With Miss Mary Mack’s help, Carmen discovered Charlotte’s Web, “and it changed my life forever.”
But the book also broke the little girl’s heart.
“The best books break our hearts,” Miss Mary Mack explained. She then introduced young Carmen to Anne of Green Gables.
“That’s what librarians do, the good ones,” Carmen said. “They don’t choose any book. They know the child.”
Listen to our podcast episode with Carmen Agra Deedy:
“That ‘heartprint’ book”
As we celebrate the role of librarians, we remember that there are countless stories like Carmen’s—including stories that other authors and educators on the podcast have told us.
Former teacher and librarian John Schumacher, a.k.a. “Mr. Schu,” echoed Carmen’s observations about the right book for the right child. “When I think about recommending books to kids, I want to know about them,” he told us. “I want to know about their reading lives.”
Mr. Schu is now the Ambassador of School Libraries for Scholastic Book Fairs. “I want to know about that book where kids felt as though they could not put the book down,” he said with the passion of a true librarian. “That [is the] ‘heartprint’ book, the book that’s going to stay with you forever. One of my goals is to help students find their own ‘heartprint’ books.”
Listen to our podcast episode with Mr. Schu:
When Kelly Yang was a small child, she and her parents left China for America and the promise of a better life. Kelly did not speak a word of English. Her parents were “so busy trying to put food on the table,” she recalled, “that they didn’t even have time to ask me what my homework was.”
Still, the award-winning author of Front Desk would become so accomplished that Harvard Law School admitted her when she was 17. “I was really blessed to have amazing teachers and librarians who saw something in me that no one else—even my parents—saw,” she said. “Literally, they changed my life.”
Listen to our podcast episode with Kelly Yang:
“A wealth of knowledge”
Everyone who knows the value of helping children develop a love of reading knows the value of librarians. Yet school libraries and public libraries across the country are under siege, often the first victims of budget cuts.
“That’s so short-sighted, particularly in communities that are book deserts already,” observed educator Donalyn Miller. “That has profound consequences on children in poverty and English language learners. They’re the groups of children that seem to take the biggest hit when we take the librarian out of the school.”
Donalyn is an award-winning author and teacher from Texas, as well as Scholastic Book Fairs’ Ambassador of Independent Reading Advocacy. She visited the podcast last fall with co-author Colby Sharp, a third-grade teacher and co-founder of the online community Nerdy Book Club, to talk about Game Changer! Book Access for All Kids, their powerful manifesto for literacy.

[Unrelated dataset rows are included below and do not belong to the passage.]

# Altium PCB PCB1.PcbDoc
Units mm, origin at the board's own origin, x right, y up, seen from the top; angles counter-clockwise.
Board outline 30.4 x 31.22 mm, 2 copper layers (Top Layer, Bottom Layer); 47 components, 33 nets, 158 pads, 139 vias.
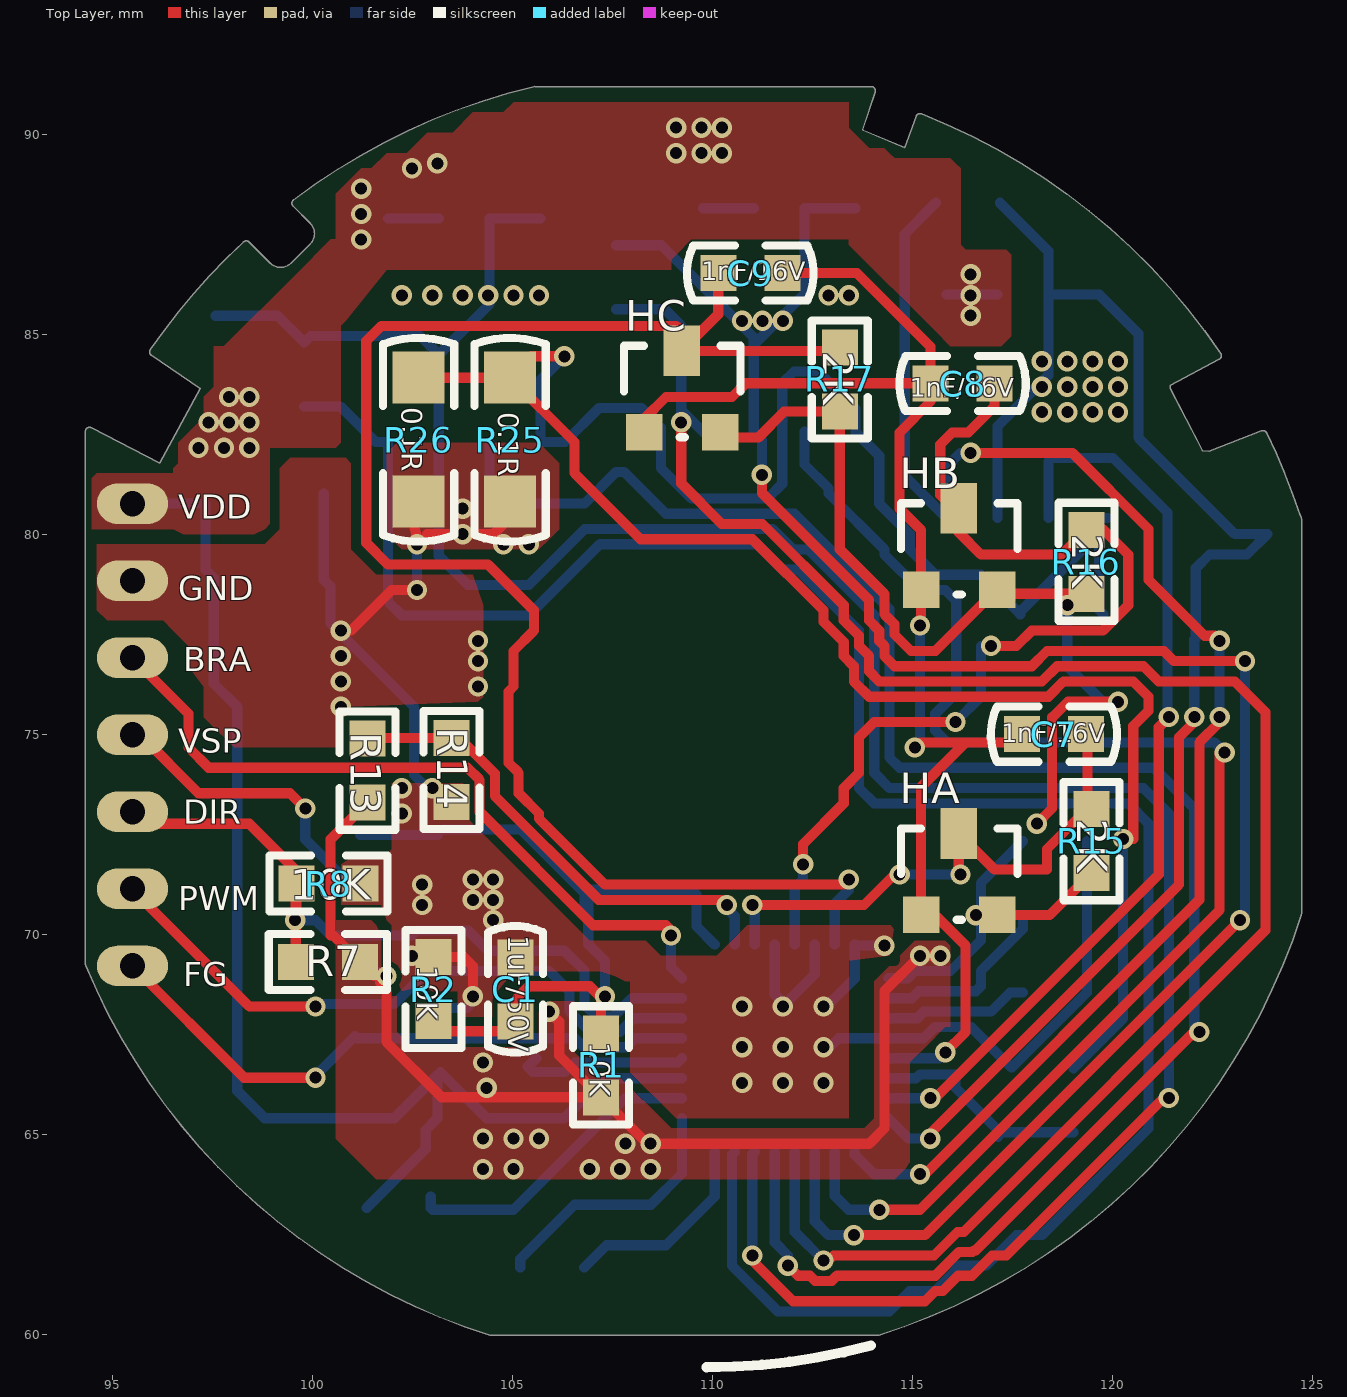
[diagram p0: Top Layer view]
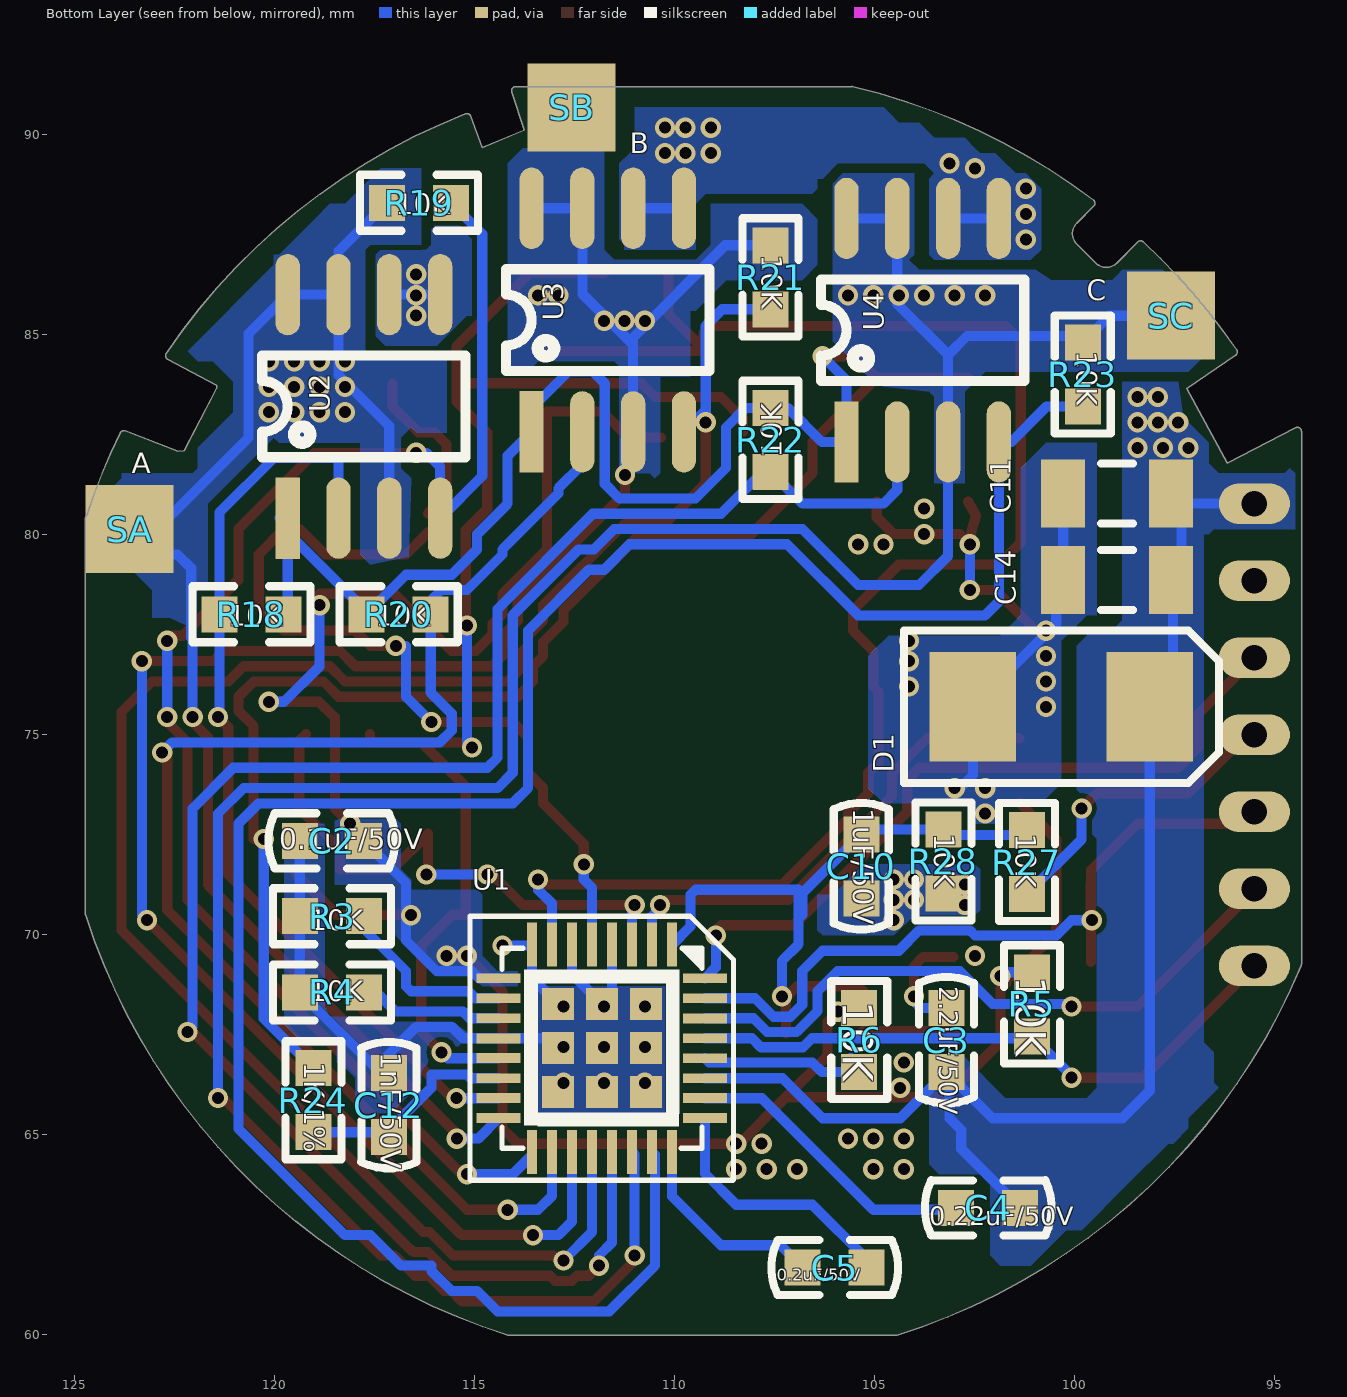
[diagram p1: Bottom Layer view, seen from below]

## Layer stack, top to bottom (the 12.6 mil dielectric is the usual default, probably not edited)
Top Solder: solder mask 0.0102, Solder Resist, Dk 3.5
Top Layer: signal copper 0.0356
Dielectric 1: dielectric 0.32, FR-4, Dk 4.8
Bottom Layer: signal copper 0.0356
Bottom Solder: solder mask 0.0102, Solder Resist, Dk 3.5

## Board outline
94.333,69.224 cw(c94.428,69.263) 94.326,69.263 94.326,82.578 cw(c94.428,82.578) 94.475,82.669 94.474,82.669 94.475,82.669 96.186,81.785 97.199,83.648 95.975,84.48 cw(c96.032,84.564) 95.948,84.622 cw(c109.296,75.438) 98.276,87.315 cw(c98.345,87.24) 98.423,87.306 98.945,86.784 ccw(c98.873,86.712) 98.945,86.784 ccw(c99.206,87.044) 99.466,86.784 99.945,87.263 ccw(c100.017,87.191) 99.945,87.263 ccw(c99.685,87.523) 100.053,87.523 ccw(c99.685,87.523) 99.945,87.783 cw(c100.017,87.856) 99.945,87.784 99.945,87.783 99.518,88.211 cw(c99.59,88.283) 99.528,88.364 cw(c109.296,75.438) 105.538,91.198 cw(c105.562,91.099) 105.581,91.199 113.97,91.199 cw(c113.97,91.097) 114.072,91.097 cw(c113.97,91.097) 114.067,91.065 113.753,90.113 114.812,89.671 115.092,90.455 cw(c115.188,90.421) 115.226,90.516 cw(c109.296,75.438) 122.708,84.529 cw(c122.623,84.471) 122.725,84.471 cw(c122.623,84.471) 122.671,84.381 121.45,83.733 121.45,83.654 122.252,82.1 122.414,82.082 123.73,82.59 cw(c123.767,82.495) 123.859,82.54 cw(c109.296,75.438) 124.696,80.473 cw(c124.626,80.399) 124.728,80.399 124.728,70.518 ccw(c124.626,70.518) 124.728,70.52 124.728,70.518 cw(c124.626,70.518) 124.723,70.487 cw(c109.296,75.438) 114.164,59.985 cw(c114.133,60.082) 114.133,59.98 104.494,59.98 cw(c104.469,60.079) 104.439,59.981 cw(c109.296,75.438)

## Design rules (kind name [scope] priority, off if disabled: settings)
Clearance [All] p1: gap=0.127
PolygonConnect [All] p1: connectstyle=Direct reliefconductorwidth=0.254 reliefentries=4 polygonreliefangle="90 Angle" airgapwidth=0.254
RoutingVias [All] p1: holewidth=0.711 width=1.27 viastyle="Through Hole" minholewidth=0.711 minwidth=1.27 maxholewidth=0.711 maxwidth=1.27
SilkToSilkClearance [All] p1: silktosilkclearance=0.051
SolderMaskExpansion [All] p1: expansion=0.102
Width [All] p1: maxlimit=0.254 minlimit=0.254 preferedwidth=0.254
29 further rules are at their usual default settings.

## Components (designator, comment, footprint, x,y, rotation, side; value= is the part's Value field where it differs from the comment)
C1 "1uF/50V" C0603 101.981,68.326 r180 top
C2 "0.1uF/50V" C0603 118.872,75.438 r90 bottom
C3 "2.2uF/50V" C0603 106.299,67.056 r0 bottom
C4 "0.22uF/50V" C0603 101.854,60.071 r270 bottom
C5 "0.2uF/50V" C0603 106.299,64.77 r90 bottom
C7 "1nF/16V" C0603 118.237,78.105 r90 top
C8 "1nF/16V" C0603 115.951,86.868 r90 top
C9 "1nF/16V" C0603 111.252,83.439 r270 top
C10 "1uF/50V" C0603 102.235,72.009 r180 bottom
C11 "22uF/25V" C1206 98.933,81.026 r180 bottom
C12 "1nF/50V" C0603 114.046,66.04 r180 bottom
C14 "22uF/25V" C1206 98.933,78.867 r180 bottom
D1 "24V/Zener" SMB 100.33,75.692 r180 bottom
HA "HALL_SOT23-3" SOT-23 119.507,70.866 r0 top locked
HB "HALL_SOT23-3" SOT-23 119.507,78.994 r0 top locked
HC "HALL_SOT23-3" SOT-23 112.582,82.931 r0 top locked
R1 "10K" R0603 105.537,65.278 r180 top
R2 "10K" R0603 101.346,67.183 r180 top
R3 "10K" R0603 120.015,72.136 r90 bottom
R4 "10K" R0603 120.015,70.231 r90 bottom
R5 "10K" R0603 102.743,66.802 r0 bottom
R6 "10K" R0603 107.061,65.913 r0 bottom
R7 "" R0603 98.933,70.993 r90 top
R8 "10K" R0603 101.854,69.596 r270 top
R13 "" R0603 99.695,72.644 r180 top
R14 "" R0603 105.156,75.565 r0 top
R15 "2K" R0603 121.158,73.787 r0 top
R16 "2K" R0603 121.031,80.772 r0 top
R17 "2K" R0603 111.506,82.423 r180 top
R18 "10K" R0603 119.126,76.327 r270 bottom
R19 "10K" R0603 114.935,86.614 r270 bottom
R20 "10K" R0603 115.443,76.327 r270 bottom
R21 "10K" R0603 105.918,87.884 r180 bottom
R22 "10K" R0603 105.918,83.82 r180 bottom
R23 "10K" R0603 101.473,82.55 r0 bottom
R24 "1K/1%" R0603 117.348,67.31 r180 bottom
R25 "0.1R" R1206 107.188,82.296 r0 top
R26 "0.1R" R1206 104.902,82.296 r0 top
R27 "10K" R0603 102.87,70.358 r0 bottom
R28 "10K" R0603 101.6,73.279 r180 bottom
SA "" cp1 129.921,80.137 r0 top
SB "" cp1 118.872,90.678 r0 top
SC "" cp1 103.886,85.471 r0 top
U1 "SDC9270_QFN32" "QFN32 (5*5)" 111.887,72.39 r90 bottom
U2 "MOS" SOP-8 123.571,83.058 r0 bottom
U3 "MOS" SOP-8 117.475,85.217 r0 bottom
U4 "MOS" SOP-8 109.601,84.963 r0 bottom

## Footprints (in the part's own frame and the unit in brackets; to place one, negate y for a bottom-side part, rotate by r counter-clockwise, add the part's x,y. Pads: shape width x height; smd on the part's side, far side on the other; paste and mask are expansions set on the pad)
C0603 [mm]
  rect 0.9x0.9 smd: 1(-3.096,0.496) 2(-3.096,-1.104)
  silkscreen extent -3.78,-1.88 -2.41,1.28
C1206 [mm] "Chip Capacitor, Body 3.2x1.6mm, IPC High Density"
  rect 1.1x1.7 smd: 1(-1.35,0) 2(1.35,0)
  silkscreen extent -0.4,-0.75 0.4,0.75, body extent -1.7,-0.9 1.7,0.9, height 1.3
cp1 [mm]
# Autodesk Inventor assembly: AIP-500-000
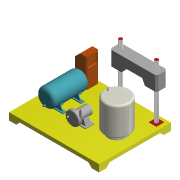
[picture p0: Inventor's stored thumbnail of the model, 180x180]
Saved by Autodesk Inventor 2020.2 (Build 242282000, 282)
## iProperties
Created: 2014-06
Part Number: AIP-500-000
Document SubType Name: Assembly
Designer: F.Stasiak
Catalog Web Link: www.expertbooks.pl
Manager: www.cadconsulting.pl
Company: Fabian Stasiak CAD Consulting
Author: F.Stasiak
Subject: Zbiór ćwiczeń. Autodesk Inventor 2020. Kurs Professional
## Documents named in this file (10)
- C:\2020_Kurs_Professional\R1 Rury\AIP-500-000.iam
- C:\2020_Kurs_Professional\R1 Rury\Platforma.ipt
- C:\2020_Kurs_Professional\R1 Rury\AIP-500-001.ipt
- C:\2020_Kurs_Professional\R1 Rury\AIP-500-002.ipt
- C:\2020_Kurs_Professional\R1 Rury\AIP-Pompa_100.ipt
- C:\2020_Kurs_Professional\R1 Rury\AIP-500-003.ipt
- C:\2020_Kurs_Professional\R1 Rury\AIP-500-004.ipt
- C:\2020_Kurs_Professional\R1 Rury\AIP-500-005.ipt
- C:\2020_Kurs_Professional\Zasoby\ContentCenter\pl-PL\ASME B16.11(22)\ASME B16.11 Tuleja z łbem sześciokątnym 3_4 x 1_2.ipt
- C:\2020_Kurs_Professional\Zasoby\ContentCenter\pl-PL\ASME B16.18(04)\ASME B16.18 Złączka nakrętna C x C 1_2.ipt
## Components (12 placed, 9 different names)
1. Platforma:1 — Zestawiający:1, Zestawiający:2, Zestawiający:3, Zestawiający:4, Zestawiający:5, Równoległy:4, Zestawiający:7, Równoległy:6, Równoległy:7, Równoległy:8, Równoległy:9, Równoległy:10
2. AIP-500-001:1 — Równoległy:1, Zestawiający:1, Zestawiający:2, Równoległy:3, Wstaw:1
3. AIP-500-002:1 — Zestawiający:3, Równoległy:2, Zestawiający:4, Wstaw:5
4. AIP-Pompa_100:1 — Zestawiający:5, Zestawiający:6, Równoległy:3, Wstaw:2, Wstaw:6
5. AIP-500-003:1 — Równoległy:4, Równoległy:5, Równoległy:6, Równoległy:7, Zestawiający:8, Zestawiający:9
6. AIP-500-003:2 — Zestawiający:7, Równoległy:5, Zestawiający:8, Zestawiający:10
7. AIP-500-004:1 — Zestawiający:9, Zestawiający:10
8. AIP-500-005:1 — Równoległy:8, Równoległy:9, Równoległy:10
9. ASME B16.11 Tuleja z łbem sześciokątnym 3/4 x 1/2:1 — Wstaw:1
10. ASME B16.11 Tuleja z łbem sześciokątnym 3/4 x 1/2:2 — Wstaw:2
11. ASME B16.18 Złączka nakrętna C x C 1/2:1 — Wstaw:6
12. ASME B16.18 Złączka nakrętna C x C 1/2:2 — Wstaw:5
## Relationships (24: Flush 10, Mate 10, Insert 4)
- Równoległy:1 [Flush]: AIP-500-001:1
- Zestawiający:1 [Mate]: Platforma:1 ↔ AIP-500-001:1
- Zestawiający:2 [Mate]: Platforma:1 ↔ AIP-500-001:1
- Zestawiający:3 [Mate]: Platforma:1 ↔ AIP-500-002:1
- Równoległy:2 [Flush]: AIP-500-002:1
- Zestawiający:4 [Mate]: Platforma:1 ↔ AIP-500-002:1
- Zestawiający:5 [Mate]: Platforma:1 ↔ AIP-Pompa_100:1
- Zestawiający:6 [Mate]: AIP-Pompa_100:1
- Równoległy:3 [Flush]: AIP-500-001:1 ↔ AIP-Pompa_100:1
- Równoległy:4 [Flush]: Platforma:1 ↔ AIP-500-003:1
- Zestawiający:7 [Mate]: Platforma:1 ↔ AIP-500-003:2
- Równoległy:5 [Flush]: AIP-500-003:1 ↔ AIP-500-003:2
- Równoległy:6 [Flush]: Platforma:1 ↔ AIP-500-003:1
- Równoległy:7 [Flush]: Platforma:1 ↔ AIP-500-003:1
- Zestawiający:8 [Mate]: AIP-500-003:1 ↔ AIP-500-003:2
- Zestawiający:9 [Mate]: AIP-500-003:1 ↔ AIP-500-004:1
- Zestawiający:10 [Mate]: AIP-500-003:2 ↔ AIP-500-004:1
- Równoległy:8 [Flush]: Platforma:1 ↔ AIP-500-005:1
- Równoległy:9 [Flush]: Platforma:1 ↔ AIP-500-005:1
- Równoległy:10 [Flush]: Platforma:1 ↔ AIP-500-005:1
- Wstaw:1 [Insert]: AIP-500-001:1 ↔ ASME B16.11 Tuleja z łbem sześciokątnym 3/4 x 1/2:1
- Wstaw:2 [Insert]: AIP-Pompa_100:1 ↔ ASME B16.11 Tuleja z łbem sześciokątnym 3/4 x 1/2:2
- Wstaw:5 [Insert]: AIP-500-002:1 ↔ ASME B16.18 Złączka nakrętna C x C 1/2:2
- Wstaw:6 [Insert]: AIP-Pompa_100:1 ↔ ASME B16.18 Złączka nakrętna C x C 1/2:1
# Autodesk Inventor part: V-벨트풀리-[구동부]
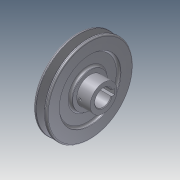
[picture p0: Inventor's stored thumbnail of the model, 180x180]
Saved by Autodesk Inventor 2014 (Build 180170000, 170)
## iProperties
Company: 한국ATC센터
Created: 2014-10
Part Number: V-벨트풀리-[구동부]
Document SubType Name: Modeling
Designer: 한국ATC센터
Density: 7.86 g/cm^3
Material: 강, 연강
Mass: 1515.01 g
Surface Area: 468.125 cm^2
Volume: 192.75 cm^3
Appearance: 강철
Author: KYOUNG IL JANG
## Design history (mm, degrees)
sketch "스케치1"
  geometry: L1 (-20, 0)-(20, 0); L2 (-20, 0)-(-20, 26); L3 (-20, 26)-(-16, 26); L4 (-16, 26)-(-16, 46); L5 (-16, 46)-(-20, 46); L6 (-20, 46)-(-20, 64.5); L7 (-20, 64.5)-(-16.062, 64.5); L8 (-16.062, 64.5)-(-12.001, 52); L9 (-12.001, 52)-(-7.999, 52); L10 (-7.999, 52)-(-3.938, 64.5); L11 (-3.938, 64.5)-(0, 64.5); L12 (0, 64.5)-(0, 46); L13 (0, 46)-(-4, 46); L14 (-4, 46)-(-4, 26); L15 (-4, 26)-(0, 26); L16 (0, 26)-(0, 20); L17 (0, 20)-(20, 20); L18 (20, 20)-(20, 0); L19 (-14.6, 60)-(-5.4, 60); 2 further points
  constraints: 38 end point, 11 parallel, 7 collinear, 3 equal length, 3 perpendicular, 2 point on line, 1 coincident, 1 horizontal, 1 midpoint
  dimensions: "d0" = 40 distance of L1.start L1.end; "d1" = 4.5 distance between parallel lines of L7 L19; "d2" = 8 distance between parallel lines of L9 L19; "d3" = 9.2 distance of L19.start L19.end; "d4" = 36 deg angle of L10 L8; "d5" = 20 distance between parallel lines of L12 L6; "d6" = 120 diameter of L19 L1; "d7" = 4 distance of L2.end L3.end; "d8" = 52 diameter of L3 L1; "d9" = 92 diameter of L5 L1; "d10" = 40 diameter of L17 L1
revolve "회전1" sketch "스케치1" stored, may be unused: angle "d11" = 90 deg
sketch "스케치2"
  geometry: L1 (-4, 11.843)-(-4, 16.5); L2 (-4, 16.5)-(4, 16.5); L3 (4, 16.5)-(4, 11.843); A1 r 12.5 centre (0, 0) between (-4, 11.843) and (4, 11.843); 1 further point
  constraints: 6 end point, 2 parallel, 2 point on circle, 1 centre point, 1 coincident, 1 horizontal, 1 vertical
  dimensions: "d12" = 25 diameter of A1; "d13" = 8 distance of L1.end L2.end; "d14" = 29 dimension on A1 L2
extrude "돌출1" cut sketch "스케치2" stored distance "d15" = 10; taper "d16" = 0 deg
chamfer "모따기1" distance "d17" = 1; stored, may be unused: second distance "d18" = 2, angle "d19" = 45 deg
node "작업 평면1"
sketch "스케치3"
  geometry: L1 (10, -20)-(10, 20) reference; 3 further points
  constraints: 1 horizontal alignment, 1 midpoint
  dimensions: "d20" = 15 distance from line of L1 point (-5, 0)
hole "구멍1" sketch "스케치3" at (-5, 0) diameter "d21" = 4.459; stored, may be unused: countersink angle "d25" = 90 deg, drill point angle "d27" = 118 deg; dims "d22" = 6, "d23" = 4, "d24" = 2, "d26" = 8
fillet "모깎기1" dims "d28" = 3, "d29" = 2, "d30" = 0.5, "d31" = 1
node "솔리드1"

Librarians, Donalyn added, “are a wealth of knowledge—not just about books but about so much in regards to information. And that is a loss for the teachers in the school, to not have access to that expert.”
Listen to our podcast episode with Donalyn Miller and Colby Sharp:
Powerhouse author James Patterson could not agree more. Over the past five years, he has teamed up with Scholastic Book Clubs, pledging millions of dollars to save school and classroom libraries. (Teachers can enter this year's Giveaway for Classroom Libraries here!)
“People don’t understand how important libraries are,” Patterson told us. “If I go in front of a big group of librarians or teachers, I’ll say: ‘I’m here to remind you . . . that you’re saving lives.’”
Listen to our episode with James Patterson:
If we care about saving lives, then we should take a cue from the rooster. “Kee-kee-ree-KEE!” Spread the word: Librarians and libraries matter.